REQUIREMENT ->
Only some lines are wanted. Transcribe, exactly, the lines below from the line with "#174=PLANE('',#232);" up to and including the line with "#265=DIRECTION('',(0.469,0.883,0.));".

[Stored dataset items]

-- Opening Marker --

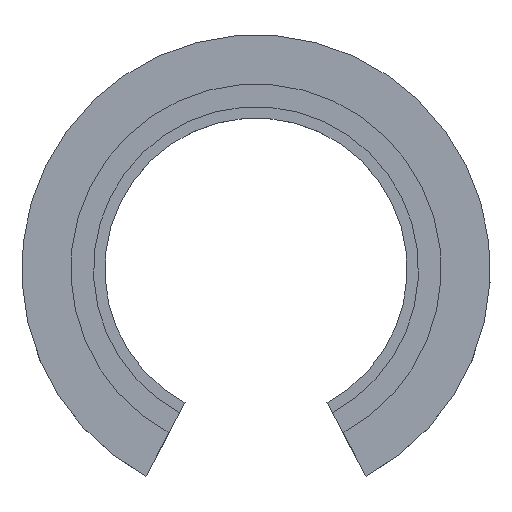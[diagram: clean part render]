
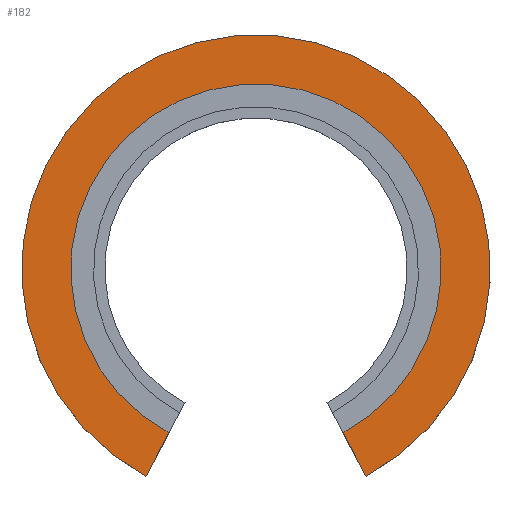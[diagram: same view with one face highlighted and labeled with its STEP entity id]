
A CAD part, top view. The second image highlights one B-rep face of the part: STEP entity #182.
In plain terms, the highlighted planar face has unit normal (0, 0, 1).
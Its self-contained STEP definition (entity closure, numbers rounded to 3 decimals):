
#22=CIRCLE('',#231,24.5);
#23=CIRCLE('',#233,31.);
#36=FACE_OUTER_BOUND('',#46,.T.);
#46=EDGE_LOOP('',(#151,#152,#153,#154));
#52=LINE('',#307,#68);
#66=LINE('',#335,#82);
#68=VECTOR('',#249,10.);
#82=VECTOR('',#265,10.);
#83=VERTEX_POINT('',#303);
#85=VERTEX_POINT('',#306);
#92=VERTEX_POINT('',#321);
#98=VERTEX_POINT('',#333);
#100=EDGE_CURVE('',#85,#83,#52,.T.);
#114=EDGE_CURVE('',#92,#98,#66,.T.);
#118=EDGE_CURVE('',#98,#85,#22,.T.);
#119=EDGE_CURVE('',#83,#92,#23,.T.);
#151=ORIENTED_EDGE('',*,*,#100,.T.);
#152=ORIENTED_EDGE('',*,*,#119,.T.);
#153=ORIENTED_EDGE('',*,*,#114,.T.);
#154=ORIENTED_EDGE('',*,*,#118,.T.);
#174=PLANE('',#232);
#182=ADVANCED_FACE('',(#36),#174,.T.);
#231=AXIS2_PLACEMENT_3D('',#342,#278,#279);
#232=AXIS2_PLACEMENT_3D('',#343,#280,#281);
#233=AXIS2_PLACEMENT_3D('',#344,#282,#283);
#249=DIRECTION('',(0.469,-0.883,0.));
#265=DIRECTION('',(0.469,0.883,0.));
#278=DIRECTION('center_axis',(0.,0.,-1.));
#279=DIRECTION('ref_axis',(-1.,0.,0.));
#280=DIRECTION('center_axis',(0.,0.,1.));
#281=DIRECTION('ref_axis',(1.,0.,0.));
#282=DIRECTION('center_axis',(0.,0.,1.));
#283=DIRECTION('ref_axis',(1.,0.,0.));
#303=CARTESIAN_POINT('',(14.554,-27.371,2.5));
#306=CARTESIAN_POINT('',(11.502,-21.632,2.5));
#307=CARTESIAN_POINT('',(0.,0.,2.5));
#321=CARTESIAN_POINT('',(-14.554,-27.371,2.5));
#333=CARTESIAN_POINT('',(-11.502,-21.632,2.5));
#335=CARTESIAN_POINT('',(-10.159,-19.107,2.5));
#342=CARTESIAN_POINT('Origin',(0.,0.,2.5));
#343=CARTESIAN_POINT('Origin',(0.,0.,2.5));
#344=CARTESIAN_POINT('Origin',(0.,0.,2.5));

-- Closing Marker --

ANSWER TO THE PROBLEM ->
#174=PLANE('',#232);
#182=ADVANCED_FACE('',(#36),#174,.T.);
#231=AXIS2_PLACEMENT_3D('',#342,#278,#279);
#232=AXIS2_PLACEMENT_3D('',#343,#280,#281);
#233=AXIS2_PLACEMENT_3D('',#344,#282,#283);
#249=DIRECTION('',(0.469,-0.883,0.));
#265=DIRECTION('',(0.469,0.883,0.));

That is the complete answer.